R^2 = 1 - \frac{\sum SqE_{line}}{\sum SqE_{mean}}= 1 - \frac{\sum (y_i - \hat{y_i})^2}{\sum (y_i - \bar{y})^2}
This formula compares mean, that is, the variability of the data points relative to the mean line of the sample data and the variability of the data points relative to the regression line. For example, when the value of ΣSqEline is equal to the value of ΣSqEmean, R2 becomes 0, and the regression line matches the mean line of the data points, indicating that it is not functioning as a prediction model at all (regression). The straight line should function as more than the average straight line, which is the representative value of the data). On the other hand, when ΣSqEline is 0, all the data points are on the regression line, which means that the prediction model can completely predict the data points. At this time, R2 is 1. )

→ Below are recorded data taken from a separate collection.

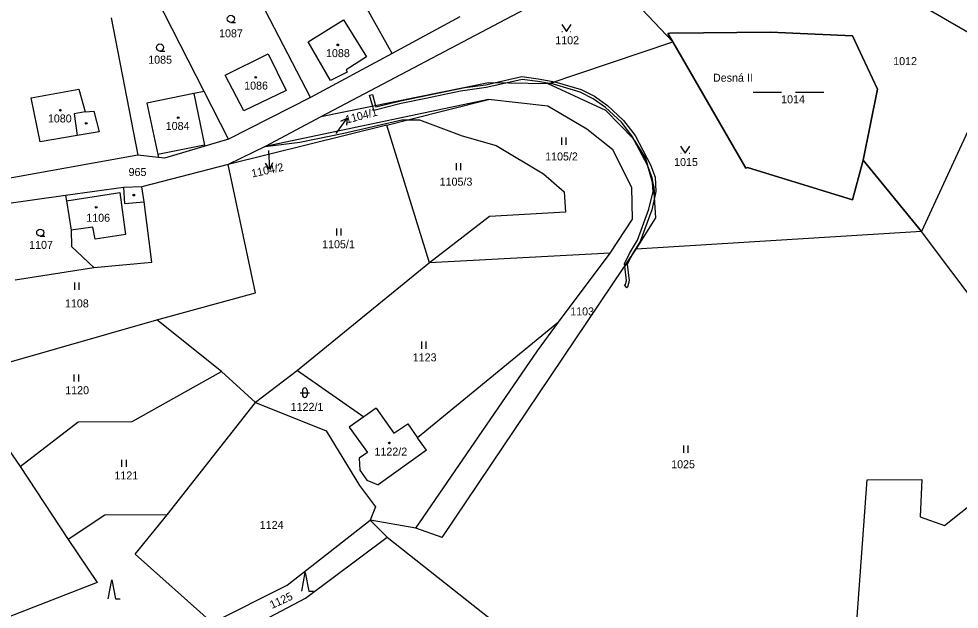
# Model space of a CAD drawing. Extents: x -670359 to -660124, y -978807 to -970072.
# Drawn here: x -669982.9 to -669783.1, y -977781.2 to -977655.6 of the extents above; entities that cross this region are included whole.
import ezdxf

# ---------------------------------------------------------------- set-up
doc = ezdxf.new("R2010")
doc.units = 0
for name, color, linetype in [('Hranice parcel', 7, 'Continuous'), ('Parcelní čísla', 7, 'Continuous'), ('Pop  PČ popisy', 7, 'Continuous'), ('Vnitřní kresba', 7, 'Continuous'), ('Věcná břemena k části', 7, 'Continuous'), ('Značky budov', 7, 'Continuous'), ('Značky kultur', 7, 'Continuous')]:
    doc.layers.add(name, color=color, linetype=linetype)

msp = doc.modelspace()

# ---------------------------------------------------------------- linework, layer by layer
at = {"layer": 'Hranice parcel'}
for p, q in [((-669900.23, -977677.12), (-669883.11, -977672.77)), ((-669913.87, -977679.97), (-669901.49, -977677.14)), ((-669904.67, -977678.25), (-669900.23, -977677.12)), ((-669901.49, -977677.14), (-669900.23, -977677.12)), ((-669900.23, -977677.12), (-669897.75, -977677.09)), ((-669897.75, -977677.09), (-669888.73, -977680.55)), ((-669923.22, -977681.85), (-669913.87, -977679.97)), ((-669888.73, -977680.55), (-669881.48, -977682.58)), ((-669930.56, -977682.8), (-669923.22, -977681.85)), ((-669881.48, -977682.58), (-669871.4, -977688.59)), ((-669871.4, -977688.59), (-669867.03, -977692.44)), ((-669867.03, -977692.44), (-669866.71, -977696.78)), ((-669882.89, -977697.69), (-669895.63, -977707.53)), ((-669866.71, -977696.78), (-669882.89, -977697.69))]:
    msp.add_line(p, q, dxfattribs=at)
for points in [[(-669903.55, -977663.02), (-669919.14, -977635.11)], [(-669773.6, -977662.93), (-669808.82, -977642.52)], [(-669920.94, -977672.36), (-669936.3, -977642.69)], [(-669858.47, -977645.13), (-669843.94, -977660.55)], [(-669943.49, -977671.09), (-669953.69, -977651.05)], [(-669871.55, -977651.52), (-669918.75, -977676.5)], [(-669963.25, -977655.43), (-669957.62, -977684.64)], [(-669921.4, -977660.53), (-669913.91, -977655.85)], [(-669913.91, -977655.85), (-669908.99, -977663.73)], [(-669889.2, -977655.23), (-669903.55, -977663.02)], [(-669823.21, -977658.51), (-669844.56, -977658.72)], [(-669805.77, -977659.28), (-669823.21, -977658.51)], [(-669916.64, -977668.73), (-669921.4, -977660.53)], [(-669870.41, -977669.5), (-669843.94, -977660.55)], [(-669844.56, -977658.72), (-669844.96, -977658.8)], [(-669844.96, -977658.8), (-669843.94, -977660.55)], [(-669828.41, -977687.39), (-669843.94, -977660.55)], [(-669800.43, -977670.6), (-669805.77, -977659.28)], [(-669939.03, -977667.59), (-669929.94, -977663.06)], [(-669929.94, -977663.06), (-669926.06, -977670.87)], [(-669903.55, -977663.02), (-669920.94, -977672.36)], [(-669908.99, -977663.73), (-669913.37, -977666.48)], [(-669773.6, -977662.93), (-669791.07, -977700.83)], [(-669913.37, -977666.48), (-669913.13, -977666.96)], [(-669935.07, -977675.24), (-669939.03, -977667.59)], [(-669913.13, -977666.96), (-669916.64, -977668.73)], [(-669980.27, -977672.47), (-669970.13, -977670.57)], [(-669970.13, -977670.57), (-669968.82, -977675.44)], [(-669883.13, -977669.25), (-669918.75, -977676.5)], [(-669870.41, -977669.5), (-669883.13, -977669.25)], [(-669858.14, -977675.1), (-669870.41, -977669.5)], [(-669978.38, -977681.81), (-669980.27, -977672.47)], [(-669945.73, -977671.55), (-669955.72, -977673.6)], [(-669943.49, -977671.09), (-669945.73, -977671.55)], [(-669938.32, -977681.25), (-669943.49, -977671.09)], [(-669920.94, -977672.36), (-669938.32, -977681.25)], [(-669926.06, -977670.87), (-669935.07, -977675.24)], [(-669803.47, -977685.72), (-669800.43, -977670.6)], [(-669955.72, -977673.6), (-669953.34, -977684.46)], [(-669883.11, -977672.77), (-669930.56, -977682.8)], [(-669870.46, -977674.21), (-669883.11, -977672.77)], [(-669862.2, -977679.12), (-669870.46, -977674.21)], [(-669968.82, -977675.44), (-669966.98, -977675.27)], [(-669966.98, -977675.27), (-669965.84, -977679.66)], [(-669918.75, -977676.5), (-669930.56, -977682.8)], [(-669852.35, -977681.06), (-669858.14, -977675.1)], [(-669904.67, -977678.25), (-669938.45, -977686.61)], [(-669895.63, -977707.53), (-669904.67, -977678.25)], [(-669970.47, -977680.48), (-669978.38, -977681.81)], [(-669965.84, -977679.66), (-669970.47, -977680.48)], [(-669856.66, -977683.48), (-669862.2, -977679.12)], [(-669938.32, -977681.25), (-669951.97, -977685.25)], [(-669849.77, -977685.28), (-669852.35, -977681.06)], [(-669953.34, -977684.46), (-669953.19, -977685.12)], [(-669930.56, -977682.8), (-669938.45, -977686.61)], [(-669852.62, -977691.53), (-669856.66, -977683.48)], [(-669957.62, -977684.64), (-669986.76, -977689.88)], [(-669953.19, -977685.12), (-669957.62, -977684.64)], [(-669951.97, -977685.25), (-669953.19, -977685.12)], [(-669847.98, -977691.34), (-669849.77, -977685.28)], [(-669803.47, -977685.72), (-669805.74, -977694.12)], [(-669791.07, -977700.83), (-669803.47, -977685.72)], [(-669938.45, -977686.61), (-669956.78, -977691.35)], [(-669932.63, -977713.9), (-669938.45, -977686.61)], [(-669828.09, -977687.23), (-669828.41, -977687.39)], [(-669805.74, -977694.12), (-669828.09, -977687.23)], [(-669960.66, -977691.53), (-669972.97, -977693.24)], [(-669956.78, -977691.35), (-669960.66, -977691.53)], [(-669956.24, -977694.54), (-669956.78, -977691.35)], [(-669852.5, -977698.24), (-669852.62, -977691.53)], [(-669847.54, -977697.97), (-669847.98, -977691.34)], [(-669972.97, -977693.24), (-669985.99, -977695.04)], [(-669972.97, -977693.24), (-669972.8, -977694.32)], [(-669972.8, -977694.32), (-669971.8, -977700.55)], [(-669954.65, -977707.4), (-669956.24, -977694.54)], [(-669857.26, -977705.46), (-669852.5, -977698.24)], [(-669851.75, -977704.63), (-669847.54, -977697.97)], [(-669971.8, -977700.55), (-669971.71, -977704.06)], [(-669791.07, -977700.83), (-669851.75, -977704.63)], [(-669764.89, -977735.76), (-669791.07, -977700.83)], [(-669971.71, -977704.06), (-669966.96, -977708.51)], [(-669857.26, -977705.46), (-669895.63, -977707.53)], [(-669892.92, -977765.93), (-669851.75, -977704.63)], [(-669868.22, -977720.15), (-669857.26, -977705.46)], [(-669983.66, -977711.17), (-669966.96, -977708.51)], [(-669966.96, -977708.51), (-669954.65, -977707.4)], [(-669895.63, -977707.53), (-669923.66, -977730.39)], [(-669953.55, -977719.62), (-669932.63, -977713.9)], [(-669996.13, -977731.83), (-669953.55, -977719.62)], [(-669939.81, -977730.65), (-669953.55, -977719.62)], [(-669868.22, -977720.15), (-669898.16, -977744.72)], [(-669872.66, -977726.25), (-669868.22, -977720.15)], [(-669898.53, -977763.96), (-669872.66, -977726.25)], [(-669923.66, -977730.39), (-669932.58, -977737.23)], [(-669923.66, -977730.39), (-669909.56, -977740.23)], [(-669958.79, -977741.23), (-669939.81, -977730.65)], [(-669932.58, -977737.23), (-669939.81, -977730.65)], [(-669993.93, -977734.4), (-669982.65, -977750.8)], [(-669951.41, -977761.08), (-669932.58, -977737.23)], [(-669932.58, -977737.23), (-669917.59, -977743.22)], [(-669907, -977738.39), (-669909.56, -977740.23)], [(-669907, -977738.39), (-669903.19, -977743.73)], [(-669909.56, -977740.23), (-669912.68, -977742.47)], [(-669982.65, -977750.8), (-669970.31, -977741.3)], [(-669970.31, -977741.3), (-669958.79, -977741.23)], [(-669912.68, -977742.47), (-669908.84, -977747.84)], [(-669903.19, -977743.73), (-669900.27, -977741.75)], [(-669900.27, -977741.75), (-669898.16, -977744.72)], [(-669917.59, -977743.22), (-669910.49, -977754.84)], [(-669896.28, -977747.38), (-669898.16, -977744.72)], [(-669908.84, -977747.84), (-669910.58, -977749.07)], [(-669896.28, -977747.38), (-669906.58, -977754.71)], [(-669910.58, -977749.07), (-669910.44, -977751.63)], [(-669982.65, -977750.8), (-669972.41, -977766.32)], [(-669910.44, -977751.63), (-669908.93, -977753.75)], [(-669908.93, -977753.75), (-669906.58, -977754.71)], [(-669805.3, -977790.58), (-669802.62, -977753.64)], [(-669802.62, -977753.64), (-669791.02, -977753.57)], [(-669791.02, -977753.57), (-669791.38, -977761.49)], [(-669910.49, -977754.84), (-669907.11, -977759.38)], [(-669786.17, -977763.37), (-669775.42, -977754.76)], [(-669907.11, -977759.38), (-669908.21, -977762.26)], [(-669964.6, -977761.16), (-669972.41, -977766.32)], [(-669951.41, -977761.08), (-669964.6, -977761.16)], [(-669958.16, -977769.43), (-669951.41, -977761.08)], [(-669925.89, -977776.03), (-669908.21, -977762.26)], [(-669908.21, -977762.26), (-669904.6, -977765.84)], [(-669898.53, -977763.96), (-669908.21, -977762.26)], [(-669791.38, -977761.49), (-669786.17, -977763.37)], [(-669892.92, -977765.93), (-669898.53, -977763.96)], [(-669972.41, -977766.32), (-669966.28, -977775.47)], [(-669921.96, -977778.81), (-669904.6, -977765.84)], [(-669904.6, -977765.84), (-669881.63, -977784.08)], [(-669941.84, -977784.04), (-669958.16, -977769.43)], [(-669966.28, -977775.47), (-669994.9, -977786.6)], [(-669941.84, -977784.04), (-669925.89, -977776.03)], [(-669942.37, -977789.56), (-669921.96, -977778.81)]]:
    msp.add_lwpolyline(points, dxfattribs=at)
at = {"layer": 'Parcelní čísla'}
for p, q in [((-669914.49, -977677.37), (-669913.11, -977676.77)), ((-669928.97, -977686.27), (-669929.65, -977687.6))]:
    msp.add_line(p, q, dxfattribs=at)
for points in [[(-669915.49, -977679.99), (-669913.11, -977676.77), (-669913.28, -977678.26)], [(-669929.86, -977683.61), (-669929.65, -977687.6), (-669930.47, -977686.35)]]:
    msp.add_lwpolyline(points, dxfattribs=at)
at = {"layer": 'Vnitřní kresba'}
for points in [[(-669945.73, -977671.55), (-669943.43, -977682.48)], [(-669968.82, -977675.44), (-669971.14, -977675.85)], [(-669971.14, -977675.85), (-669970.47, -977680.48)], [(-669943.43, -977682.48), (-669953.34, -977684.46)], [(-669960.66, -977691.53), (-669960.48, -977694.89)], [(-669972.8, -977694.32), (-669961.45, -977692.58)], [(-669961.45, -977692.58), (-669960.2, -977701.52)], [(-669960.48, -977694.89), (-669956.24, -977694.54)], [(-669967.17, -977699.96), (-669971.8, -977700.55)], [(-669966.68, -977702.52), (-669967.17, -977699.96)], [(-669960.2, -977701.52), (-669966.68, -977702.52)]]:
    msp.add_lwpolyline(points, dxfattribs=at)
at = {"layer": 'Věcná břemena k části'}
for p, q in [((-669881.89, -977669.27), (-669876.02, -977667.94)), ((-669875.98, -977668.54), (-669879.4, -977669.32)), ((-669876.02, -977667.94), (-669872.54, -977668.38)), ((-669872.63, -977668.98), (-669875.98, -977668.54)), ((-669872.54, -977668.38), (-669868.99, -977669.02)), ((-669901.82, -977673.05), (-669888.16, -977670.27)), ((-669883.58, -977670.28), (-669889.05, -977671)), ((-669888.16, -977670.27), (-669883.68, -977669.68)), ((-669883.68, -977669.68), (-669881.89, -977669.27)), ((-669879.4, -977669.32), (-669883.58, -977670.28)), ((-669870.14, -977669.41), (-669872.63, -977668.98)), ((-669908.36, -977671.86), (-669907.78, -977671.7)), ((-669907.71, -977674.25), (-669908.36, -977671.86)), ((-669907.78, -977671.7), (-669907.13, -977674.13)), ((-669896.45, -977672.57), (-669901.67, -977673.67)), ((-669889.05, -977671), (-669896.45, -977672.57)), ((-669907.48, -977675.11), (-669907.71, -977674.25)), ((-669901.67, -977673.67), (-669907.48, -977675.11)), ((-669907.13, -977674.13), (-669907.06, -977674.39)), ((-669907.06, -977674.39), (-669901.82, -977673.05)), ((-669849.33, -977686.77), (-669852.13, -977681.43)), ((-669848.11, -977692.33), (-669848.24, -977690.47)), ((-669849, -977696.09), (-669848.11, -977692.33)), ((-669847.82, -977693.72), (-669848.42, -977696.27)), ((-669851.41, -977702.7), (-669849, -977696.09)), ((-669848.42, -977696.27), (-669850.87, -977702.96)), ((-669853.13, -977705.52), (-669851.41, -977702.7)), ((-669850.87, -977702.96), (-669852.61, -977705.81)), ((-669854.22, -977707.72), (-669853.13, -977705.52)), ((-669852.61, -977705.81), (-669852.79, -977706.18)), ((-669854.16, -977708.22), (-669854.22, -977707.72))]:
    msp.add_line(p, q, dxfattribs=at)
for points in [[(-669844.96, -977658.8), (-669844.56, -977658.72), (-669823.21, -977658.51), (-669805.77, -977659.28), (-669800.43, -977670.6), (-669803.47, -977685.72), (-669805.74, -977694.12), (-669828.09, -977687.23), (-669828.41, -977687.39), (-669843.94, -977660.55), (-669844.96, -977658.8)], [(-669870.41, -977669.5), (-669843.94, -977660.55), (-669828.41, -977687.39), (-669828.09, -977687.23), (-669805.74, -977694.12), (-669803.47, -977685.72), (-669791.07, -977700.83), (-669851.75, -977704.63), (-669847.54, -977697.97), (-669847.98, -977691.34), (-669849.77, -977685.28), (-669852.35, -977681.06), (-669858.14, -977675.1), (-669870.41, -977669.5)], [(-669870.14, -977669.41), (-669868.99, -977669.02), (-669863.4, -977670.7), (-669860.56, -977672.1), (-669857.84, -977674.04), (-669854.39, -977677.24), (-669851.96, -977680.46), (-669848.7, -977686.69), (-669847.71, -977689.33), (-669847.51, -977692.39)], [(-669868.99, -977669.02), (-669870.14, -977669.41)], [(-669852.46, -977680.78), (-669854.83, -977677.64), (-669858.22, -977674.5), (-669860.86, -977672.62), (-669863.62, -977671.26), (-669869.3, -977669.55), (-669870.14, -977669.41)], [(-669852.13, -977681.43), (-669852.46, -977680.78)], [(-669847.82, -977693.72), (-669847.98, -977691.34), (-669848.31, -977689.45), (-669849.33, -977686.77), (-669849.77, -977685.28), (-669852.13, -977681.43)], [(-669852.13, -977681.43), (-669849.77, -977685.28), (-669849.33, -977686.77)], [(-669848.24, -977690.47), (-669847.98, -977691.34), (-669847.82, -977693.72)], [(-669847.51, -977692.39), (-669847.82, -977693.72)], [(-669854.2, -977712.18), (-669854, -977712.04), (-669853.81, -977711.33), (-669854.16, -977708.22), (-669852.79, -977706.18), (-669853.6, -977707.82), (-669853.21, -977711.37), (-669853.55, -977712.68), (-669853.74, -977712.81), (-669854.2, -977712.18)], [(-669852.79, -977706.18), (-669854.16, -977708.22)]]:
    msp.add_lwpolyline(points, dxfattribs=at)
at = {"layer": 'Značky budov'}
for centre in [(-669915.13, -977661.19), (-669932.56, -977668.09), (-669974.07, -977675.08), (-669949.04, -977676.66), (-669966.45, -977695.72), (-669904.16, -977745.8)]:
    msp.add_circle(centre, 0.175, dxfattribs=at)
at = {"layer": 'Značky kultur'}
for p, q in [((-669937.85, -977656.4), (-669936.85, -977656.4)), ((-669867.5, -977658.35), (-669867.4, -977658.35)), ((-669865.7, -977658.35), (-669865.6, -977658.35)), ((-669952.91, -977662.49), (-669951.91, -977662.49)), ((-669826.87, -977671.22), (-669820.87, -977671.22)), ((-669817.87, -977671.22), (-669811.87, -977671.22)), ((-669867.62, -977680.91), (-669867.62, -977682.41)), ((-669866.62, -977682.41), (-669866.62, -977680.91)), ((-669842.25, -977684.24), (-669842.15, -977684.24)), ((-669840.45, -977684.24), (-669840.35, -977684.24)), ((-669889.95, -977686.3), (-669889.95, -977687.8)), ((-669888.95, -977687.8), (-669888.95, -977686.3)), ((-669915.41, -977700.22), (-669915.41, -977701.72)), ((-669914.41, -977701.72), (-669914.41, -977700.22)), ((-669978.35, -977701.85), (-669977.35, -977701.85)), ((-669971.09, -977711.73), (-669971.09, -977713.23)), ((-669970.09, -977713.23), (-669970.09, -977711.73)), ((-669897.34, -977724.27), (-669897.34, -977725.77)), ((-669896.34, -977725.77), (-669896.34, -977724.27)), ((-669971.18, -977731.25), (-669971.18, -977732.75)), ((-669970.18, -977732.75), (-669970.18, -977731.25)), ((-669923.13, -977735.13), (-669921.13, -977735.13)), ((-669922.63, -977734.63), (-669922.63, -977735.63)), ((-669921.63, -977734.63), (-669921.63, -977735.63)), ((-669841.67, -977746.38), (-669841.67, -977747.88)), ((-669840.67, -977747.88), (-669840.67, -977746.38)), ((-669961.05, -977749.38), (-669961.05, -977750.88)), ((-669960.05, -977750.88), (-669960.05, -977749.38))]:
    msp.add_line(p, q, dxfattribs=at)
for points in [[(-669867.55, -977656.85), (-669866.55, -977658.35), (-669865.55, -977656.85)], [(-669842.3, -977682.74), (-669841.3, -977684.24), (-669840.3, -977682.74)], [(-669922.79, -977777.32), (-669922.04, -977773.32), (-669921.29, -977777.32), (-669920.29, -977777.32)], [(-669963.89, -977778.92), (-669963.14, -977774.92), (-669962.39, -977778.92), (-669961.39, -977778.92)]]:
    msp.add_lwpolyline(points, dxfattribs=at)
for centre, radius in [((-669937.85, -977655.65), 0.75), ((-669952.91, -977661.74), 0.75), ((-669915.13, -977661.19), 0.175), ((-669932.56, -977668.09), 0.175), ((-669974.07, -977675.08), 0.175), ((-669949.04, -977676.66), 0.175), ((-669968.59, -977677.85), 0.175), ((-669958.47, -977693.12), 0.175), ((-669966.45, -977695.72), 0.175), ((-669978.35, -977701.1), 0.75), ((-669904.16, -977745.8), 0.175)]:
    msp.add_circle(centre, radius, dxfattribs=at)
for centre, start, end in [((-669922.13, -977734.63), 0, 180), ((-669922.13, -977735.63), 180, 0)]:
    msp.add_arc(centre, 0.5, start, end, dxfattribs=at)

# ---------------------------------------------------------------- texts
at = {"layer": 'Parcelní čísla'}
for s, height, p in [('1087', 1.7, (-669940.35, -977659.58)), ('1102', 1.7, (-669868.91, -977661.05)), ('1088', 1.7, (-669917.63, -977663.79)), ('1085', 1.7, (-669955.41, -977665.19)), ('1012', 1.7, (-669797.11, -977665.49)), ('1086', 1.7, (-669935.02, -977670.69)), ('1014', 1.7, (-669820.92, -977673.6)), ('1080', 1.7, (-669976.73, -977677.68)), ('1084', 1.7, (-669951.69, -977679.27)), ('1104/1', 0.1, (-669915.49, -977679.99)), ('1104/2', 0.1, (-669929.86, -977683.61)), ('1105/2', 1.7, (-669871.06, -977685.76)), ('1015', 1.7, (-669843.66, -977686.94)), ('965', 1.7, (-669959.58, -977689.06)), ('1105/3', 1.7, (-669893.48, -977691.12)), ('1106', 1.7, (-669968.57, -977698.79)), ('1107', 1.7, (-669980.71, -977704.55)), ('1105/1', 1.7, (-669918.45, -977704.42)), ('1108', 1.7, (-669973.1, -977717)), ('1103', 1.7, (-669865.74, -977718.7)), ('1123', 1.7, (-669899.2, -977728.47)), ('1120', 1.7, (-669973.04, -977735.45)), ('1122/1', 1.7, (-669925.14, -977738.99)), ('1122/2', 1.7, (-669907.33, -977748.5)), ('1025', 1.7, (-669844.28, -977751.19)), ('1121', 1.7, (-669962.59, -977753.58)), ('1124', 1.7, (-669931.71, -977764.09))]:
    msp.add_text(s, height=height, dxfattribs=at).set_placement(p)
for s, rotation, p in [('1104/1', 14.6209, (-669913.28, -977677.94)), ('1104/2', 12.0771, (-669933.3, -977689.38)), ('1125', 24.6051, (-669929.11, -977781.11))]:
    msp.add_text(s, height=1.7, rotation=rotation, dxfattribs=at).set_placement(p)
at = {"layer": 'Pop  PČ popisy'}
msp.add_text('Desná II', height=1.7, dxfattribs=at).set_placement((-669835.4, -977669.01))

doc.saveas('drawing.dxf')

Now, let's roughly verify Moore's law based on the obtained regression line. As we have seen, the relationship between the number of transistors (tc) and the regression line can be expressed as follows.
log(tc) = ax + b \\
\therefore tc = \exp(ax + b)
Therefore, if the number of transistors reaches twice the number of transistors in a certain year (x2) in a certain year (x1),
2 = \frac{\exp(ax_2 + b)}{\exp(ax_1 + b)} = exp(a(x_2-x_1))\\
\therefore log2 = a(x_2-x_1)\\
\therefore x_2 - x_1 = \frac{log2}{a}
In other words, log2 / a calculated from the slope a of the regression line means the number of years it takes for the number of transistors to double. Let's calculate the number of years based on this immediately.
print("time to double:", round(np.log(2)/a,1), "years")
output
time to double: 2.1 years
It took about two years for the number of transistors to double. Moore, that's amazing.